BDD is characterised by a preoccupation with perceived flaws or defects in the person’s appearance, which to others is extremely minor or not observable. The condition usually develops in adolescence and affects approximately 2% of the population, occurring equally in both sexes. It is an extreme mental disorder and, unfortunately, people with the disorder are reluctant to seek help due to the fear of being thought vain or self-obsessed. In fact, the opposite is true, as sadly people with this serious disorder often believe themselves to be ugly.
Wrongly misrepresented in the media as “Imagined Ugliness Syndrome”, this cruel representation does little to help the people concerned and certainly does not reflect the extreme distress BDD causes. Such is the severity of the illness that many people present to dermatologists, cosmetic surgeons, maxillary facial surgeons, orthodontists, gynaecologists or urologists to improve their perceived defect.
Even though BDD is classified as an extreme mental disorder, people only present to mental health services when there are additional problems such as anxiety, depression or a risk of suicide. In many cases the condition is trivialised and stigmatised, and in some instances doctors will view those patients who have actual disfigurements as being more worthy of attention, even though they may be less disabled than a person suffering with BDD.
To date research shows that the exact causes of BDD are unclear, however, it is thought to be a combination of nature and nurture which includes:
- Personality traits such as being a perfectionist
- Life experiences (sexual abuse, bullying or child abuse)

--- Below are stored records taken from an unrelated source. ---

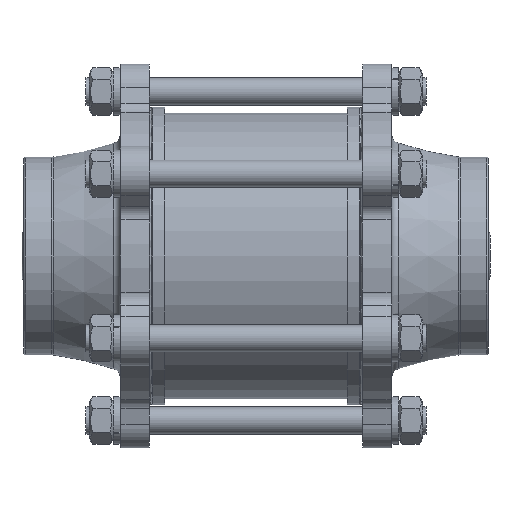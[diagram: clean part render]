
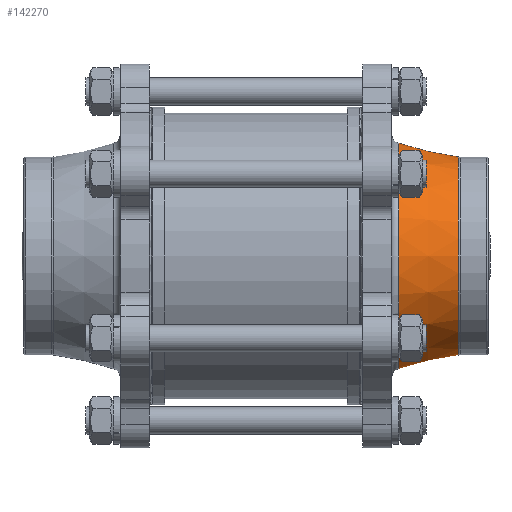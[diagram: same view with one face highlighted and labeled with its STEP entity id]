
A CAD part, front view. The second image highlights one B-rep face of the part: STEP entity #142270.
In plain terms, the highlighted conical face has half-angle 13 degrees and reference radius 66.504 mm.
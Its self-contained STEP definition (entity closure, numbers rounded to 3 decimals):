
#142208=CARTESIAN_POINT('',(82.875,65.609,0.0));
#142209=VERTEX_POINT('',#142208);
#142210=CARTESIAN_POINT('',(82.875,0.,0.));
#142211=DIRECTION('',(1.0,0.0,0.0));
#142212=DIRECTION('',(0.0,-1.0,0.0));
#142213=AXIS2_PLACEMENT_3D('',#142210,#142211,#142212);
#142214=CIRCLE('',#142213,65.609);
#142215=EDGE_CURVE('',#142209,#142209,#142214,.T.);
#142236=CARTESIAN_POINT('',(117.445,-57.628,0.));
#142237=VERTEX_POINT('',#142236);
#142238=CARTESIAN_POINT('',(117.445,0.,0.0));
#142239=DIRECTION('',(-1.0,0.0,0.0));
#142240=DIRECTION('',(0.0,-1.0,0.0));
#142241=AXIS2_PLACEMENT_3D('',#142238,#142239,#142240);
#142242=CIRCLE('',#142241,57.628);
#142243=EDGE_CURVE('',#142237,#142237,#142242,.T.);
#142259=CARTESIAN_POINT('',(79.0,0.,0.0));
#142260=DIRECTION('',(-1.0,0.0,0.0));
#142261=DIRECTION('',(0.0,1.0,0.0));
#142262=AXIS2_PLACEMENT_3D('',#142259,#142260,#142261);
#142263=CONICAL_SURFACE('',#142262,66.504,13.);
#142264=ORIENTED_EDGE('',*,*,#142243,.T.);
#142265=EDGE_LOOP('',(#142264));
#142266=FACE_OUTER_BOUND('',#142265,.T.);
#142267=ORIENTED_EDGE('',*,*,#142215,.T.);
#142268=EDGE_LOOP('',(#142267));
#142269=FACE_BOUND('',#142268,.T.);
#142270=ADVANCED_FACE('',(#142266,#142269),#142263,.T.);
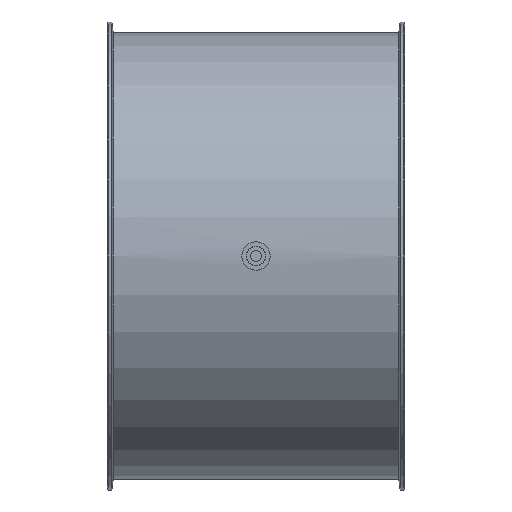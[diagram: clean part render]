
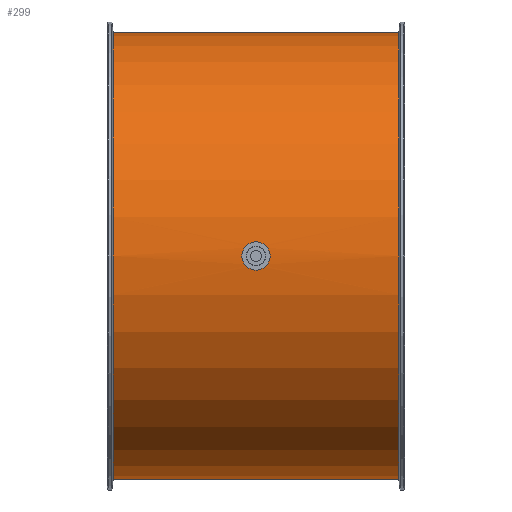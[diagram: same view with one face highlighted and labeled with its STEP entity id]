
A CAD part, front view. The second image highlights one B-rep face of the part: STEP entity #299.
In plain terms, the highlighted cylindrical face has radius 301 mm (diameter 602 mm), a full revolution.
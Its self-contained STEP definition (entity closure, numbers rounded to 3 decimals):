
#185=B_SPLINE_CURVE_WITH_KNOTS('',3,(#1890,#1891,#1892,#1893,#1894,#1895,
#1896,#1897,#1898,#1899,#1900,#1901,#1902,#1903,#1904,#1905,#1906,#1907),
 .UNSPECIFIED.,.T.,.F.,(2,2,2,2,2,2,2,2,2,2,2),(-0.125,0.,0.125,0.25,
0.375,0.5,0.625,0.75,0.875,1.,1.125),.UNSPECIFIED.);
#186=B_SPLINE_CURVE_WITH_KNOTS('',3,(#1909,#1910,#1911,#1912,#1913,#1914,
#1915,#1916,#1917,#1918,#1919,#1920,#1921,#1922,#1923,#1924,#1925,#1926),
 .UNSPECIFIED.,.T.,.F.,(2,2,2,2,2,2,2,2,2,2,2),(-0.125,0.,0.125,0.25,
0.375,0.5,0.625,0.75,0.875,1.,1.125),.UNSPECIFIED.);
#248=CYLINDRICAL_SURFACE('',#1327,301.);
#299=ADVANCED_FACE('',(#443,#444,#445,#446),#248,.T.);
#443=FACE_BOUND('',#597,.T.);
#444=FACE_BOUND('',#598,.T.);
#445=FACE_BOUND('',#599,.T.);
#446=FACE_BOUND('',#600,.T.);
#597=EDGE_LOOP('',(#769));
#598=EDGE_LOOP('',(#770));
#599=EDGE_LOOP('',(#771));
#600=EDGE_LOOP('',(#772));
#769=ORIENTED_EDGE('',*,*,#1100,.F.);
#770=ORIENTED_EDGE('',*,*,#1102,.F.);
#771=ORIENTED_EDGE('',*,*,#1103,.F.);
#772=ORIENTED_EDGE('',*,*,#1104,.F.);
#993=VERTEX_POINT('',#1883);
#995=VERTEX_POINT('',#1888);
#996=VERTEX_POINT('',#1908);
#997=VERTEX_POINT('',#1927);
#1100=EDGE_CURVE('',#993,#993,#1223,.T.);
#1102=EDGE_CURVE('',#995,#995,#1225,.T.);
#1103=EDGE_CURVE('',#996,#996,#185,.T.);
#1104=EDGE_CURVE('',#997,#997,#186,.T.);
#1223=CIRCLE('',#1322,301.);
#1225=CIRCLE('',#1325,301.);
#1322=AXIS2_PLACEMENT_3D('',#1882,#1530,#1531);
#1325=AXIS2_PLACEMENT_3D('',#1887,#1536,#1537);
#1327=AXIS2_PLACEMENT_3D('',#1928,#1540,#1541);
#1530=DIRECTION('',(1.,0.,0.));
#1531=DIRECTION('',(0.,0.,-1.));
#1536=DIRECTION('',(-1.,0.,0.));
#1537=DIRECTION('',(0.,0.,1.));
#1540=DIRECTION('',(1.,0.,0.));
#1541=DIRECTION('',(0.,0.,-1.));
#1882=CARTESIAN_POINT('',(192.133,-109.,125.));
#1883=CARTESIAN_POINT('',(192.133,-109.,-176.));
#1887=CARTESIAN_POINT('',(-192.133,-109.,125.));
#1888=CARTESIAN_POINT('',(-192.133,-109.,426.));
#1890=CARTESIAN_POINT('',(3.436,191.719,112.));
#1891=CARTESIAN_POINT('',(-3.436,191.719,112.));
#1892=CARTESIAN_POINT('',(-6.795,191.786,113.41));
#1893=CARTESIAN_POINT('',(-11.591,191.933,118.207));
#1894=CARTESIAN_POINT('',(-12.998,192.,121.601));
#1895=CARTESIAN_POINT('',(-13.002,192.,128.385));
#1896=CARTESIAN_POINT('',(-11.623,191.934,131.76));
#1897=CARTESIAN_POINT('',(-6.771,191.786,136.616));
#1898=CARTESIAN_POINT('',(-3.398,191.719,137.999));
#1899=CARTESIAN_POINT('',(3.389,191.719,138.001));
#1900=CARTESIAN_POINT('',(6.784,191.786,136.596));
#1901=CARTESIAN_POINT('',(11.583,191.933,131.806));
#1902=CARTESIAN_POINT('',(12.997,192.,128.443));
#1903=CARTESIAN_POINT('',(13.003,192.,121.583));
#1904=CARTESIAN_POINT('',(11.598,191.933,118.217));
#1905=CARTESIAN_POINT('',(6.802,191.786,113.413));
#1906=CARTESIAN_POINT('',(3.436,191.719,112.));
#1907=CARTESIAN_POINT('',(-3.436,191.719,112.));
#1908=CARTESIAN_POINT('',(0.,191.719,112.));
#1909=CARTESIAN_POINT('',(-3.436,-409.719,112.));
#1910=CARTESIAN_POINT('',(3.436,-409.719,112.));
#1911=CARTESIAN_POINT('',(6.795,-409.786,113.41));
#1912=CARTESIAN_POINT('',(11.591,-409.933,118.207));
#1913=CARTESIAN_POINT('',(12.998,-410.,121.601));
#1914=CARTESIAN_POINT('',(13.002,-410.,128.385));
#1915=CARTESIAN_POINT('',(11.623,-409.934,131.76));
#1916=CARTESIAN_POINT('',(6.771,-409.786,136.616));
#1917=CARTESIAN_POINT('',(3.398,-409.719,137.999));
#1918=CARTESIAN_POINT('',(-3.389,-409.719,138.001));
#1919=CARTESIAN_POINT('',(-6.784,-409.786,136.596));
#1920=CARTESIAN_POINT('',(-11.583,-409.933,131.806));
#1921=CARTESIAN_POINT('',(-12.997,-410.,128.443));
#1922=CARTESIAN_POINT('',(-13.003,-410.,121.583));
#1923=CARTESIAN_POINT('',(-11.598,-409.933,118.217));
#1924=CARTESIAN_POINT('',(-6.802,-409.786,113.413));
#1925=CARTESIAN_POINT('',(-3.436,-409.719,112.));
#1926=CARTESIAN_POINT('',(3.436,-409.719,112.));
#1927=CARTESIAN_POINT('',(0.,-409.719,112.));
#1928=CARTESIAN_POINT('',(-200.,-109.,125.));

- Neurobiological factors (chemical imbalance in the brain)
- Genetic predisposition (if a family member has BDD)
- People who have BDD may also suffer with OCD, anxiety or depression
While more research needs to be carried out as to the causes of the condition, there are certain factors which may act as triggers or make the condition worse such as:
- Commenting negatively on a person’s appearance
- Compliments may also have an adverse effect on people struggling with BDD as they feel pressurised to look that way all the time
In order to avoid causing any undue stress to the person, it is better not to focus on their appearance but rather to compliment them on their personality or something they have done well.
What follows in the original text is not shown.